## Assigned task
Repeat word for word the opening stretch of the entries, from the first line through the line containing "#2543 = VERTEX_POINT('',#2544);".
━━━━━━━━━━
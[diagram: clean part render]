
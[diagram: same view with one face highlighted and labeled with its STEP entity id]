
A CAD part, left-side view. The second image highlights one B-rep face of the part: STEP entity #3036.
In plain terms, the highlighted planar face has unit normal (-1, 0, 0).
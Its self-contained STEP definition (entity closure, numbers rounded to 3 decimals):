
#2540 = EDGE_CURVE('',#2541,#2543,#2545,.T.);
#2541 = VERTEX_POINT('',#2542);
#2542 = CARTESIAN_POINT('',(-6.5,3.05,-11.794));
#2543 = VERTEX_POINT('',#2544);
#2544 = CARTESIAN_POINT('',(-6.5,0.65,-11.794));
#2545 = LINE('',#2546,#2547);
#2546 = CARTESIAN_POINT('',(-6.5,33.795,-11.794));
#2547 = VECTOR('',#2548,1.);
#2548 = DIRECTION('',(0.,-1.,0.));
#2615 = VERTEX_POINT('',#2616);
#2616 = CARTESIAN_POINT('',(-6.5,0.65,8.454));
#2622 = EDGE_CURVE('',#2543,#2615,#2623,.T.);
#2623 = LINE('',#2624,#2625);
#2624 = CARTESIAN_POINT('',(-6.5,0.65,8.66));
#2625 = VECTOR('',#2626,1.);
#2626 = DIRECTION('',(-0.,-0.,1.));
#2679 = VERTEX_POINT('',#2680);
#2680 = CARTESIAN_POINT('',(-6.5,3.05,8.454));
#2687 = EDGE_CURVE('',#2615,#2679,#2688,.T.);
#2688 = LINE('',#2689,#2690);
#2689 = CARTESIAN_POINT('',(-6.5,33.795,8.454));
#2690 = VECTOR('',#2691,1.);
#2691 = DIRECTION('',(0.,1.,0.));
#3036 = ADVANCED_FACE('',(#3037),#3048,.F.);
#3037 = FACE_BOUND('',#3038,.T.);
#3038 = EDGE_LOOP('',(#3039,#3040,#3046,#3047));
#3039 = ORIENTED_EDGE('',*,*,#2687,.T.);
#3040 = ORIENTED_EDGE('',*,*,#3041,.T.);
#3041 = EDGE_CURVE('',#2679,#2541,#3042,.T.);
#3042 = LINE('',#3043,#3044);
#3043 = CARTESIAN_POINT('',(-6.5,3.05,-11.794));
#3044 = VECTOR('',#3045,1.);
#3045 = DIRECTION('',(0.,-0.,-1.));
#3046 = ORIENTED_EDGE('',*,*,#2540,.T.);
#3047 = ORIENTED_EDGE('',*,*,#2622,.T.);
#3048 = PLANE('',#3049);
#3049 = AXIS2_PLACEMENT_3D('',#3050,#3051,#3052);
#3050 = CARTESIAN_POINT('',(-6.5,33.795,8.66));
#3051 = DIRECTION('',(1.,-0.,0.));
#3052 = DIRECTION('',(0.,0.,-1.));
━━━━━━━━━━
## Written solution
[diagram: clean part render]
[diagram: same view with one face highlighted and labeled with its STEP entity id]
A CAD part, left-side view. The second image highlights one B-rep face of the part: STEP entity #3036.
In plain terms, the highlighted planar face has unit normal (-1, 0, 0).
Its self-contained STEP definition (entity closure, numbers rounded to 3 decimals):
#2540 = EDGE_CURVE('',#2541,#2543,#2545,.T.);
#2541 = VERTEX_POINT('',#2542);
#2542 = CARTESIAN_POINT('',(-6.5,3.05,-11.794));
#2543 = VERTEX_POINT('',#2544);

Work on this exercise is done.